### Data
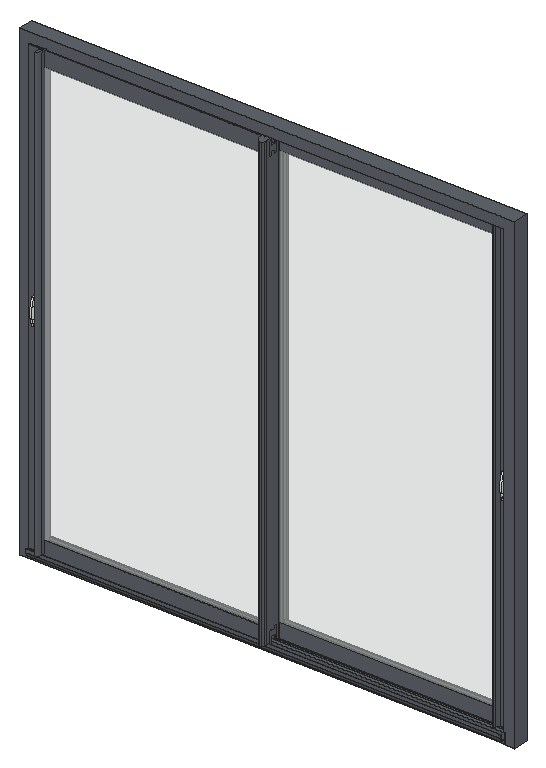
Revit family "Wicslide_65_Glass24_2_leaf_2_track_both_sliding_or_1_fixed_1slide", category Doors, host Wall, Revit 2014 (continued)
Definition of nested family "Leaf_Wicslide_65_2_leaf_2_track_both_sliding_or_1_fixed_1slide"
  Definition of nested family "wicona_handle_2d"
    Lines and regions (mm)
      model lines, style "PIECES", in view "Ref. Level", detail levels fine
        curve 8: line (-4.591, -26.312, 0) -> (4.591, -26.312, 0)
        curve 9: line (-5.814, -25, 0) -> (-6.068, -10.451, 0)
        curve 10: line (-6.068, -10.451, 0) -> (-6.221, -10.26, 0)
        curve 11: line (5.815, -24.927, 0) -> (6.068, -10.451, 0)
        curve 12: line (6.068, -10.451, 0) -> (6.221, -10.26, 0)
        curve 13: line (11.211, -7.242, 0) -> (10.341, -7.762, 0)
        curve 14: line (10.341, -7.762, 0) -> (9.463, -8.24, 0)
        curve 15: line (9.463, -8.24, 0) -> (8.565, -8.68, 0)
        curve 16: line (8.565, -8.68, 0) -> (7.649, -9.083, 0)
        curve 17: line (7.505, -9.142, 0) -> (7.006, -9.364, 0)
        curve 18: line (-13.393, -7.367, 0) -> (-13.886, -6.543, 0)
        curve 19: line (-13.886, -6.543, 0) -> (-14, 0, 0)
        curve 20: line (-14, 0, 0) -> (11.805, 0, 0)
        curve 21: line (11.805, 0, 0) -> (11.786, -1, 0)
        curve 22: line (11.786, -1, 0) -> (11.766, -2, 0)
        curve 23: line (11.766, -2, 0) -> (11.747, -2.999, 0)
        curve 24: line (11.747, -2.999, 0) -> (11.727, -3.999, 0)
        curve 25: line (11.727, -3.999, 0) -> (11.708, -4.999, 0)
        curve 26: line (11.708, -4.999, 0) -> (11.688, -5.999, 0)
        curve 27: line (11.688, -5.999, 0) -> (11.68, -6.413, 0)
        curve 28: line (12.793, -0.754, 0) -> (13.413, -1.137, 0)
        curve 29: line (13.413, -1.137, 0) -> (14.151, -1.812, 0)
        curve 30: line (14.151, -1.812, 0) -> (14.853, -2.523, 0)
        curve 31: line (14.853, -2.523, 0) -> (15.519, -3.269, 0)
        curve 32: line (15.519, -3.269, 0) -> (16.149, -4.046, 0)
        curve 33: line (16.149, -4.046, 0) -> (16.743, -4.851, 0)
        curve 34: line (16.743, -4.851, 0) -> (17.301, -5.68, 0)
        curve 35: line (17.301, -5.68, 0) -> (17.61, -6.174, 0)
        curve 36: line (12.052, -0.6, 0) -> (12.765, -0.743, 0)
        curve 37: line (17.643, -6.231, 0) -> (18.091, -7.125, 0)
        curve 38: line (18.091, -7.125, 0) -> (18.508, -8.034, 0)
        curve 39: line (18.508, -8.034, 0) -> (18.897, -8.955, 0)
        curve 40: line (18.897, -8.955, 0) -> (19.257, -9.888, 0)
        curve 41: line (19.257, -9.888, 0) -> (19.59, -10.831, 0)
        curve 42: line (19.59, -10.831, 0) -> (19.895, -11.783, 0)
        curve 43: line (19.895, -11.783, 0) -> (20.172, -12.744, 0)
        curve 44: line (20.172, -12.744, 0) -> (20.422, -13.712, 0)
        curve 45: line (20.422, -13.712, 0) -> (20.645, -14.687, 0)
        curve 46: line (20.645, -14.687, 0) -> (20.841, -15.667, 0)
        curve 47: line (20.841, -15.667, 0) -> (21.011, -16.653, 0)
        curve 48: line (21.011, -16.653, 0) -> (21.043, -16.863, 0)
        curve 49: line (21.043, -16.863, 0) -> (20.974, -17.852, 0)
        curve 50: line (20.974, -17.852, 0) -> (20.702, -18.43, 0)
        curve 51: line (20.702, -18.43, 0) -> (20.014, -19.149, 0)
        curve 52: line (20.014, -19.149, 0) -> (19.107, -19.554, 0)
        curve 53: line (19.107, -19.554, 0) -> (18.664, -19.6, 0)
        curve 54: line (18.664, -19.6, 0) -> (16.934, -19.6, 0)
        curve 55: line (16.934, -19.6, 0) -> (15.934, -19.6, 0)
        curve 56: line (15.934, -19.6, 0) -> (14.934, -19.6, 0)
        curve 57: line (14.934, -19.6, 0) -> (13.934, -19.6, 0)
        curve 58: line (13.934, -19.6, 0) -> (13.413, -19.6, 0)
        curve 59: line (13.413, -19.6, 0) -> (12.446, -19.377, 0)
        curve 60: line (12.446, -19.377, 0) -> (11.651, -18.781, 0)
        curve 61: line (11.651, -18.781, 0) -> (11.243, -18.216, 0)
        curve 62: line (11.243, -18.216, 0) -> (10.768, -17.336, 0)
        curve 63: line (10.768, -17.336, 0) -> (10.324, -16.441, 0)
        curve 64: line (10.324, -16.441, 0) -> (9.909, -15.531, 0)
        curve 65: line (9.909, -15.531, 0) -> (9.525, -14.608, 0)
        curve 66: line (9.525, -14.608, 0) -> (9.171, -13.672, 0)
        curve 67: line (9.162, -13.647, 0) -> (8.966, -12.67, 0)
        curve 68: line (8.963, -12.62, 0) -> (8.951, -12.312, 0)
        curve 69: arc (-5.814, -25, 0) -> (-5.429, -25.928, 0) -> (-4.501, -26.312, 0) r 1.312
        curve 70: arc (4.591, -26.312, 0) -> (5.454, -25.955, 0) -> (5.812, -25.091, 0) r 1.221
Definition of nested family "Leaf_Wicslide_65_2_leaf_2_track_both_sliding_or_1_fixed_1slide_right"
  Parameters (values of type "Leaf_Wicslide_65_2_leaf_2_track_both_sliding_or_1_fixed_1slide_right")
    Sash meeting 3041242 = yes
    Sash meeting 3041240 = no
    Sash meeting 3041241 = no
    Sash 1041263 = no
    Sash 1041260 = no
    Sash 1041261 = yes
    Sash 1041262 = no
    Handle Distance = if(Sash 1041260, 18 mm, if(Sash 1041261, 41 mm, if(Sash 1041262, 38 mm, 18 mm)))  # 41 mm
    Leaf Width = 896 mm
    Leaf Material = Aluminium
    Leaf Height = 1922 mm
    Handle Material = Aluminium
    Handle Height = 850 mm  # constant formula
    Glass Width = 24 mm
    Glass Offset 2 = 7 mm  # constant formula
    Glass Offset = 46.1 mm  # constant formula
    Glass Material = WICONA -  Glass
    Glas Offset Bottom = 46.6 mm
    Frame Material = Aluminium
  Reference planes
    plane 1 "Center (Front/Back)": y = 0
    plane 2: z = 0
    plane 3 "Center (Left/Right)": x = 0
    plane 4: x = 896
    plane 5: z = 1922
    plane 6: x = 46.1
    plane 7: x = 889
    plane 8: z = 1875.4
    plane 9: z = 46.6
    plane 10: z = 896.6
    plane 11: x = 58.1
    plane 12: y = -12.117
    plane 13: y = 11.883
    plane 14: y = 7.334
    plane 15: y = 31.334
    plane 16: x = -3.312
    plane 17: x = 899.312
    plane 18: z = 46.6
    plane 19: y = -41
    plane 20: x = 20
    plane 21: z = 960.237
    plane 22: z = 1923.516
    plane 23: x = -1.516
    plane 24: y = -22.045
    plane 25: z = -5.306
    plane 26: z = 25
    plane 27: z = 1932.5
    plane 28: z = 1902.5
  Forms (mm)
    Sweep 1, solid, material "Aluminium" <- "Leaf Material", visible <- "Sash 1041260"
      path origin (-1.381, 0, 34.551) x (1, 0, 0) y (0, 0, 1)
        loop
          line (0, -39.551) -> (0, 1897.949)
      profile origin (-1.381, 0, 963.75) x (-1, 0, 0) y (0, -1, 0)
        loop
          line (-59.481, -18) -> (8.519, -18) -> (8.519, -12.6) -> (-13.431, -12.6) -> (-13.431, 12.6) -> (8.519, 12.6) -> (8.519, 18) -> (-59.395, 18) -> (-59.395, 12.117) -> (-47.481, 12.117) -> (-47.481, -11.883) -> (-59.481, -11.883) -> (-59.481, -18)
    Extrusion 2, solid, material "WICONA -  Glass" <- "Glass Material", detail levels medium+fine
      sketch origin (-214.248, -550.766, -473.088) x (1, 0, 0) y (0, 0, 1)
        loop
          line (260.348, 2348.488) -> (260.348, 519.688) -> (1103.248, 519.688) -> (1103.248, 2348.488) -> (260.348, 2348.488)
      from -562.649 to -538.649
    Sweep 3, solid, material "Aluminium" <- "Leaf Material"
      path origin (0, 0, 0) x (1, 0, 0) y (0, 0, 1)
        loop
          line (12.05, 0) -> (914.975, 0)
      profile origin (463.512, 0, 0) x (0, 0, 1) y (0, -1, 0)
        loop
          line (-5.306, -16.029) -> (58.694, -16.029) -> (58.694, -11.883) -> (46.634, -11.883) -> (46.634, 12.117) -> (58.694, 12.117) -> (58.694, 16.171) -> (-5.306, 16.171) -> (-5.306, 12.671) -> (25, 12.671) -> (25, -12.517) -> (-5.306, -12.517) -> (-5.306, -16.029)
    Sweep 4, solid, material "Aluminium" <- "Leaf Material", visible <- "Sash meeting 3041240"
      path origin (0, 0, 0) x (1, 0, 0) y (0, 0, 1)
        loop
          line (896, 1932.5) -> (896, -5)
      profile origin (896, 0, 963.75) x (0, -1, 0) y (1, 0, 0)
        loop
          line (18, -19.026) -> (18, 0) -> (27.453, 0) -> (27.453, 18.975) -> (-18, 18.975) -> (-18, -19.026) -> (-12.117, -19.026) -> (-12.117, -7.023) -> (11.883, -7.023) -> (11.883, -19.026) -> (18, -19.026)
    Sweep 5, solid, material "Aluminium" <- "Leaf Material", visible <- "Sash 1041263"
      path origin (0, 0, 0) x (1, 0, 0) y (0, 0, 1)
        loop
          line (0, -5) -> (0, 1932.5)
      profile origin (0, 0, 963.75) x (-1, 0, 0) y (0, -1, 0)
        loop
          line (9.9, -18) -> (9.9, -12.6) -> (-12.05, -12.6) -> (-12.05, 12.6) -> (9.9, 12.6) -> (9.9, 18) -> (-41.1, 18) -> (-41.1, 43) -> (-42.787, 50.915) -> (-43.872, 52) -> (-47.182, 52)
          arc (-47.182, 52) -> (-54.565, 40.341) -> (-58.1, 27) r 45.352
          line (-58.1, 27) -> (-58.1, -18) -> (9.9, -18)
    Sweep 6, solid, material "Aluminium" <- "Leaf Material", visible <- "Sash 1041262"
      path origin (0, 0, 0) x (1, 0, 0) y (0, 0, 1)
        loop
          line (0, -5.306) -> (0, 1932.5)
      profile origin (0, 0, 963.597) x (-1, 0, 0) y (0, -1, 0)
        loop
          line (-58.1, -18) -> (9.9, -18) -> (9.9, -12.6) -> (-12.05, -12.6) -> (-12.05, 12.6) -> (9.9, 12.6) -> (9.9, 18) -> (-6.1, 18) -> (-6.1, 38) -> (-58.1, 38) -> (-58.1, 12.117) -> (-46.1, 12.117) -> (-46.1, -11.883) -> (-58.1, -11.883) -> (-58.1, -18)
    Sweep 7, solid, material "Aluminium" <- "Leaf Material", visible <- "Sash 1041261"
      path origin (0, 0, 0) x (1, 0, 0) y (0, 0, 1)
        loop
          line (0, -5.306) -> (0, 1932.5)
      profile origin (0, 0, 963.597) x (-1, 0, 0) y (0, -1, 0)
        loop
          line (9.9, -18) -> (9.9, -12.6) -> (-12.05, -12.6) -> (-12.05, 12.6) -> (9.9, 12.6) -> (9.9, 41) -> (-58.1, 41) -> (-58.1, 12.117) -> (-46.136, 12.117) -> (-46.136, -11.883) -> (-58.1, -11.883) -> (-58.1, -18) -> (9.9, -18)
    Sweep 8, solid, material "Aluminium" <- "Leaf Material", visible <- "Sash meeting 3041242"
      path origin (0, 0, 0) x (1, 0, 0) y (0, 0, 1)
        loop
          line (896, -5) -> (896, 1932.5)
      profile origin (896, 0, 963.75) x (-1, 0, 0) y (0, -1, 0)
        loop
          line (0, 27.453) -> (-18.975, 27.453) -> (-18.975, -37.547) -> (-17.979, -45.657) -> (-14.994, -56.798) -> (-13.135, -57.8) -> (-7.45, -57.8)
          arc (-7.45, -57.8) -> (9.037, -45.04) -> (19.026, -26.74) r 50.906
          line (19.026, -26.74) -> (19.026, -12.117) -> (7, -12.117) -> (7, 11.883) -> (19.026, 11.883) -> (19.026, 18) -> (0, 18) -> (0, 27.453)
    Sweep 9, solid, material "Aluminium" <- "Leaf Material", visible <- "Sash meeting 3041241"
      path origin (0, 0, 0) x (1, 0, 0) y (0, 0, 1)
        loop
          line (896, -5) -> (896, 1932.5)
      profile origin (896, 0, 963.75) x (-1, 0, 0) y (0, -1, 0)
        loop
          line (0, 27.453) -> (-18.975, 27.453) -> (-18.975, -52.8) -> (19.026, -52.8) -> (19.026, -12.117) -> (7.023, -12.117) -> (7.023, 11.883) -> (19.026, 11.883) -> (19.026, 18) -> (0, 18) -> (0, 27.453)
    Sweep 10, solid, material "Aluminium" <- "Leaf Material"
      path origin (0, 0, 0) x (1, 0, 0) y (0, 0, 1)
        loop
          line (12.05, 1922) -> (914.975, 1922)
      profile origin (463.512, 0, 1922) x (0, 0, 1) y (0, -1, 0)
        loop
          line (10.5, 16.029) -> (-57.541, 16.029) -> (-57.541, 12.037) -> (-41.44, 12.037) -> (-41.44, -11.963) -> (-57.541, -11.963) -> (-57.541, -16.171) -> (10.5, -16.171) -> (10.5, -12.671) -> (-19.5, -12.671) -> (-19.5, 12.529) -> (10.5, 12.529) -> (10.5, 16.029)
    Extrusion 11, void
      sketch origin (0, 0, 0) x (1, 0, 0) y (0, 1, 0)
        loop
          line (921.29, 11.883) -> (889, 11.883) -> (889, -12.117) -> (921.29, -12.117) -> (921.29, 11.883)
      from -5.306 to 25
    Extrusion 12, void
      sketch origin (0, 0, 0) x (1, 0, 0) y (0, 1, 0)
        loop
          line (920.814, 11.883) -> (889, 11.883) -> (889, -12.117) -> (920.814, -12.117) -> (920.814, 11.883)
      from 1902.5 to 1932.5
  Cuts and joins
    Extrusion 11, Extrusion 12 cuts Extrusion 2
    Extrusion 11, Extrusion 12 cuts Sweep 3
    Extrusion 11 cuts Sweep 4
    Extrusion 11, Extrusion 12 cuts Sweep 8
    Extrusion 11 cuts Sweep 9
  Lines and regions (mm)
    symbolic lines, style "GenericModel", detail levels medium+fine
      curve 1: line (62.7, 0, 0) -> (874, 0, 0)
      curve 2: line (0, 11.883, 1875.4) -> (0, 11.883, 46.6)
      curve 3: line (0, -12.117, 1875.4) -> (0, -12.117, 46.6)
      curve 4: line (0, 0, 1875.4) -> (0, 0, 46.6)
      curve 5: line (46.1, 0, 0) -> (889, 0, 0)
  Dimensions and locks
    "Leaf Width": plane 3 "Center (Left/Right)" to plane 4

### What the task asks
What do the lines above say from the one containing "curve 12: line" down to the one containing "curve 46: line"? Return them exactly, both end lines included, and only them.

### Written response
        curve 12: line (6.068, -10.451, 0) -> (6.221, -10.26, 0)
        curve 13: line (11.211, -7.242, 0) -> (10.341, -7.762, 0)
        curve 14: line (10.341, -7.762, 0) -> (9.463, -8.24, 0)
        curve 15: line (9.463, -8.24, 0) -> (8.565, -8.68, 0)
        curve 16: line (8.565, -8.68, 0) -> (7.649, -9.083, 0)
        curve 17: line (7.505, -9.142, 0) -> (7.006, -9.364, 0)
        curve 18: line (-13.393, -7.367, 0) -> (-13.886, -6.543, 0)
        curve 19: line (-13.886, -6.543, 0) -> (-14, 0, 0)
        curve 20: line (-14, 0, 0) -> (11.805, 0, 0)
        curve 21: line (11.805, 0, 0) -> (11.786, -1, 0)
        curve 22: line (11.786, -1, 0) -> (11.766, -2, 0)
        curve 23: line (11.766, -2, 0) -> (11.747, -2.999, 0)
        curve 24: line (11.747, -2.999, 0) -> (11.727, -3.999, 0)
        curve 25: line (11.727, -3.999, 0) -> (11.708, -4.999, 0)
        curve 26: line (11.708, -4.999, 0) -> (11.688, -5.999, 0)
        curve 27: line (11.688, -5.999, 0) -> (11.68, -6.413, 0)
        curve 28: line (12.793, -0.754, 0) -> (13.413, -1.137, 0)
        curve 29: line (13.413, -1.137, 0) -> (14.151, -1.812, 0)
        curve 30: line (14.151, -1.812, 0) -> (14.853, -2.523, 0)
        curve 31: line (14.853, -2.523, 0) -> (15.519, -3.269, 0)
        curve 32: line (15.519, -3.269, 0) -> (16.149, -4.046, 0)
        curve 33: line (16.149, -4.046, 0) -> (16.743, -4.851, 0)
        curve 34: line (16.743, -4.851, 0) -> (17.301, -5.68, 0)
        curve 35: line (17.301, -5.68, 0) -> (17.61, -6.174, 0)
        curve 36: line (12.052, -0.6, 0) -> (12.765, -0.743, 0)
        curve 37: line (17.643, -6.231, 0) -> (18.091, -7.125, 0)
        curve 38: line (18.091, -7.125, 0) -> (18.508, -8.034, 0)
        curve 39: line (18.508, -8.034, 0) -> (18.897, -8.955, 0)
        curve 40: line (18.897, -8.955, 0) -> (19.257, -9.888, 0)
        curve 41: line (19.257, -9.888, 0) -> (19.59, -10.831, 0)
        curve 42: line (19.59, -10.831, 0) -> (19.895, -11.783, 0)
        curve 43: line (19.895, -11.783, 0) -> (20.172, -12.744, 0)
        curve 44: line (20.172, -12.744, 0) -> (20.422, -13.712, 0)
        curve 45: line (20.422, -13.712, 0) -> (20.645, -14.687, 0)
        curve 46: line (20.645, -14.687, 0) -> (20.841, -15.667, 0)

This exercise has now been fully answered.